▶ _What this task involves_
Retype everything in the listing, leaving each line exactly as it is.

▶ _Excerpted records_
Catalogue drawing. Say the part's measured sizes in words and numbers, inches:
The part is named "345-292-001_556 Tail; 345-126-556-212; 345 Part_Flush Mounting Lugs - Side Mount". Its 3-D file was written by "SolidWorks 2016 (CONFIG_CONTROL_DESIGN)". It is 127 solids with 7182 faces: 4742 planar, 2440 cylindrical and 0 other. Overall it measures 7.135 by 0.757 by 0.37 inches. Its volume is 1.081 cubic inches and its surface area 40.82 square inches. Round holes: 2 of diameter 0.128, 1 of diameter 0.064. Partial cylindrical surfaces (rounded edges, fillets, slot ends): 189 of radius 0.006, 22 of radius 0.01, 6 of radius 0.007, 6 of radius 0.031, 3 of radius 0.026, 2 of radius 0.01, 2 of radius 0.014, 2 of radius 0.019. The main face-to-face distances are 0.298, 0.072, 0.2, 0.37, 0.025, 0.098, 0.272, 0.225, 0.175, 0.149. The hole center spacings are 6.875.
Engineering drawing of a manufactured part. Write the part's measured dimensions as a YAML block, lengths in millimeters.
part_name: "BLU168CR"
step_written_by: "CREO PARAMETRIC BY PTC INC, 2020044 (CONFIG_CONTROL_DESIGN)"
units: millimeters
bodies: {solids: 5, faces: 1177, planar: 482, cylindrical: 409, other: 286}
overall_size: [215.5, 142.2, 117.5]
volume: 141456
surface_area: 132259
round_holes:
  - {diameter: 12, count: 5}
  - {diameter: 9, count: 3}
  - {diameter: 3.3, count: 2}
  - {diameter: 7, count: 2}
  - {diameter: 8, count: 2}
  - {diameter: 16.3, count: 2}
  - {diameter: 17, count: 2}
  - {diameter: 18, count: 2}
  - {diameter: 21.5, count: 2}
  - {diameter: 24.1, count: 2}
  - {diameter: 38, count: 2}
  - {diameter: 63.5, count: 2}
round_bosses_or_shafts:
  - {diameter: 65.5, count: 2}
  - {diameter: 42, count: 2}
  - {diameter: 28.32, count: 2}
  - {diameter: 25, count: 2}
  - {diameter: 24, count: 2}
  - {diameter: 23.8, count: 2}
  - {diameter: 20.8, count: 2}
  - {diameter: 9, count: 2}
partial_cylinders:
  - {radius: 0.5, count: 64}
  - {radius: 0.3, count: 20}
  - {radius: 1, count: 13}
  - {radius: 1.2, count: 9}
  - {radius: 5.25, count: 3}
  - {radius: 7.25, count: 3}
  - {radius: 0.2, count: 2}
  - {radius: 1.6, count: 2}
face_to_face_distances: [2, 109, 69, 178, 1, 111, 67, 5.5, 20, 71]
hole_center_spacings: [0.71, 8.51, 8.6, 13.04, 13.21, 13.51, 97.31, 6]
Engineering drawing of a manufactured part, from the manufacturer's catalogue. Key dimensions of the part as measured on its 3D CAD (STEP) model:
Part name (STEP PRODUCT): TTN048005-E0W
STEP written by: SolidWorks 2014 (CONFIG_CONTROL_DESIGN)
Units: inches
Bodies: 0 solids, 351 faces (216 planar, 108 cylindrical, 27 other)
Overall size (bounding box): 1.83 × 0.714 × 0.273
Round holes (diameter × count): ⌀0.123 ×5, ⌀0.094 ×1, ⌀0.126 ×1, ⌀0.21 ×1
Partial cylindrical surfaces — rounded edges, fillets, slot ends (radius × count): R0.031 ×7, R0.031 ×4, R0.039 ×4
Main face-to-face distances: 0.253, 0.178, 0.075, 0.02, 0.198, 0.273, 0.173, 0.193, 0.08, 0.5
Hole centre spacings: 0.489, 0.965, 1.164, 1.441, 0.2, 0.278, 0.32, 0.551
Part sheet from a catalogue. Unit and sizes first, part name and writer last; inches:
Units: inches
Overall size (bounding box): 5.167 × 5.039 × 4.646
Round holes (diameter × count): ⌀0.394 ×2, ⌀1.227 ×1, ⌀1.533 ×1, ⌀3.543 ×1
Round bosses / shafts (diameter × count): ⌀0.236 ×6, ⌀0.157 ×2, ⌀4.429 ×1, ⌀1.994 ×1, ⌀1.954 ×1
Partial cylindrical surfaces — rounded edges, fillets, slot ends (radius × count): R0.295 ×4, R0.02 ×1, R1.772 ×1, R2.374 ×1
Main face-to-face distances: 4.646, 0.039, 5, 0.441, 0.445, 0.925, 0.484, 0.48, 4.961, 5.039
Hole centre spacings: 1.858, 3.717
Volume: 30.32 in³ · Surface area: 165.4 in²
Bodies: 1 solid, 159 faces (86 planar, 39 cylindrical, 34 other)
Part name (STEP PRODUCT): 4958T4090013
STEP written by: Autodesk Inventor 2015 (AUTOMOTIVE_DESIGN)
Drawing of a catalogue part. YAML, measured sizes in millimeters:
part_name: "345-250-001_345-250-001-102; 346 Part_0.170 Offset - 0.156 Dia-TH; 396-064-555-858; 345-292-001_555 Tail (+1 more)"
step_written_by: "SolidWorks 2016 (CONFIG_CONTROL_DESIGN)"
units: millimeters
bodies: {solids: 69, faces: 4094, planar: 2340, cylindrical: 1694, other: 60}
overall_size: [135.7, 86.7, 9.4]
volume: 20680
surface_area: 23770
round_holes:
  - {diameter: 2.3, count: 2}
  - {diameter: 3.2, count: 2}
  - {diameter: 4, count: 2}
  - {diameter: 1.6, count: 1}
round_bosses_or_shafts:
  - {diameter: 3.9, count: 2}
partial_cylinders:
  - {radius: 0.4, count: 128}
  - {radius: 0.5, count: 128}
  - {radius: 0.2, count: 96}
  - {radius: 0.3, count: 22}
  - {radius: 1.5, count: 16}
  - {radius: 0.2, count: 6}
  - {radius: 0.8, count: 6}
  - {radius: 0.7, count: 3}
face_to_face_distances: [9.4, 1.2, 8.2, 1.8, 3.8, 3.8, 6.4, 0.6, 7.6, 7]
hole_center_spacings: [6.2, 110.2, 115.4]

▶ _Answer section_
Catalogue drawing. Say the part's measured sizes in words and numbers, inches:
The part is named "345-292-001_556 Tail; 345-126-556-212; 345 Part_Flush Mounting Lugs - Side Mount". Its 3-D file was written by "SolidWorks 2016 (CONFIG_CONTROL_DESIGN)". It is 127 solids with 7182 faces: 4742 planar, 2440 cylindrical and 0 other. Overall it measures 7.135 by 0.757 by 0.37 inches. Its volume is 1.081 cubic inches and its surface area 40.82 square inches. Round holes: 2 of diameter 0.128, 1 of diameter 0.064. Partial cylindrical surfaces (rounded edges, fillets, slot ends): 189 of radius 0.006, 22 of radius 0.01, 6 of radius 0.007, 6 of radius 0.031, 3 of radius 0.026, 2 of radius 0.01, 2 of radius 0.014, 2 of radius 0.019. The main face-to-face distances are 0.298, 0.072, 0.2, 0.37, 0.025, 0.098, 0.272, 0.225, 0.175, 0.149. The hole center spacings are 6.875.
Engineering drawing of a manufactured part. Write the part's measured dimensions as a YAML block, lengths in millimeters.
part_name: "BLU168CR"
step_written_by: "CREO PARAMETRIC BY PTC INC, 2020044 (CONFIG_CONTROL_DESIGN)"
units: millimeters
bodies: {solids: 5, faces: 1177, planar: 482, cylindrical: 409, other: 286}
overall_size: [215.5, 142.2, 117.5]
volume: 141456
surface_area: 132259
round_holes:
  - {diameter: 12, count: 5}
  - {diameter: 9, count: 3}
  - {diameter: 3.3, count: 2}
  - {diameter: 7, count: 2}
  - {diameter: 8, count: 2}
  - {diameter: 16.3, count: 2}
  - {diameter: 17, count: 2}
  - {diameter: 18, count: 2}
  - {diameter: 21.5, count: 2}
  - {diameter: 24.1, count: 2}
  - {diameter: 38, count: 2}
  - {diameter: 63.5, count: 2}
round_bosses_or_shafts:
  - {diameter: 65.5, count: 2}
  - {diameter: 42, count: 2}
  - {diameter: 28.32, count: 2}
  - {diameter: 25, count: 2}
  - {diameter: 24, count: 2}
  - {diameter: 23.8, count: 2}
  - {diameter: 20.8, count: 2}
  - {diameter: 9, count: 2}
partial_cylinders:
  - {radius: 0.5, count: 64}
  - {radius: 0.3, count: 20}
  - {radius: 1, count: 13}
  - {radius: 1.2, count: 9}
  - {radius: 5.25, count: 3}
  - {radius: 7.25, count: 3}
  - {radius: 0.2, count: 2}
  - {radius: 1.6, count: 2}
face_to_face_distances: [2, 109, 69, 178, 1, 111, 67, 5.5, 20, 71]
hole_center_spacings: [0.71, 8.51, 8.6, 13.04, 13.21, 13.51, 97.31, 6]
Engineering drawing of a manufactured part, from the manufacturer's catalogue. Key dimensions of the part as measured on its 3D CAD (STEP) model:
Part name (STEP PRODUCT): TTN048005-E0W
STEP written by: SolidWorks 2014 (CONFIG_CONTROL_DESIGN)
Units: inches
Bodies: 0 solids, 351 faces (216 planar, 108 cylindrical, 27 other)
Overall size (bounding box): 1.83 × 0.714 × 0.273
Round holes (diameter × count): ⌀0.123 ×5, ⌀0.094 ×1, ⌀0.126 ×1, ⌀0.21 ×1
Partial cylindrical surfaces — rounded edges, fillets, slot ends (radius × count): R0.031 ×7, R0.031 ×4, R0.039 ×4
Main face-to-face distances: 0.253, 0.178, 0.075, 0.02, 0.198, 0.273, 0.173, 0.193, 0.08, 0.5
Hole centre spacings: 0.489, 0.965, 1.164, 1.441, 0.2, 0.278, 0.32, 0.551
Part sheet from a catalogue. Unit and sizes first, part name and writer last; inches:
Units: inches
Overall size (bounding box): 5.167 × 5.039 × 4.646
Round holes (diameter × count): ⌀0.394 ×2, ⌀1.227 ×1, ⌀1.533 ×1, ⌀3.543 ×1
Round bosses / shafts (diameter × count): ⌀0.236 ×6, ⌀0.157 ×2, ⌀4.429 ×1, ⌀1.994 ×1, ⌀1.954 ×1
Partial cylindrical surfaces — rounded edges, fillets, slot ends (radius × count): R0.295 ×4, R0.02 ×1, R1.772 ×1, R2.374 ×1
Main face-to-face distances: 4.646, 0.039, 5, 0.441, 0.445, 0.925, 0.484, 0.48, 4.961, 5.039
Hole centre spacings: 1.858, 3.717
Volume: 30.32 in³ · Surface area: 165.4 in²
Bodies: 1 solid, 159 faces (86 planar, 39 cylindrical, 34 other)
Part name (STEP PRODUCT): 4958T4090013
STEP written by: Autodesk Inventor 2015 (AUTOMOTIVE_DESIGN)
Drawing of a catalogue part. YAML, measured sizes in millimeters:
part_name: "345-250-001_345-250-001-102; 346 Part_0.170 Offset - 0.156 Dia-TH; 396-064-555-858; 345-292-001_555 Tail (+1 more)"
step_written_by: "SolidWorks 2016 (CONFIG_CONTROL_DESIGN)"
units: millimeters
bodies: {solids: 69, faces: 4094, planar: 2340, cylindrical: 1694, other: 60}
overall_size: [135.7, 86.7, 9.4]
volume: 20680
surface_area: 23770
round_holes:
  - {diameter: 2.3, count: 2}
  - {diameter: 3.2, count: 2}
  - {diameter: 4, count: 2}
  - {diameter: 1.6, count: 1}
round_bosses_or_shafts:
  - {diameter: 3.9, count: 2}
partial_cylinders:
  - {radius: 0.4, count: 128}
  - {radius: 0.5, count: 128}
  - {radius: 0.2, count: 96}
  - {radius: 0.3, count: 22}
  - {radius: 1.5, count: 16}
  - {radius: 0.2, count: 6}
  - {radius: 0.8, count: 6}
  - {radius: 0.7, count: 3}
face_to_face_distances: [9.4, 1.2, 8.2, 1.8, 3.8, 3.8, 6.4, 0.6, 7.6, 7]
hole_center_spacings: [6.2, 110.2, 115.4]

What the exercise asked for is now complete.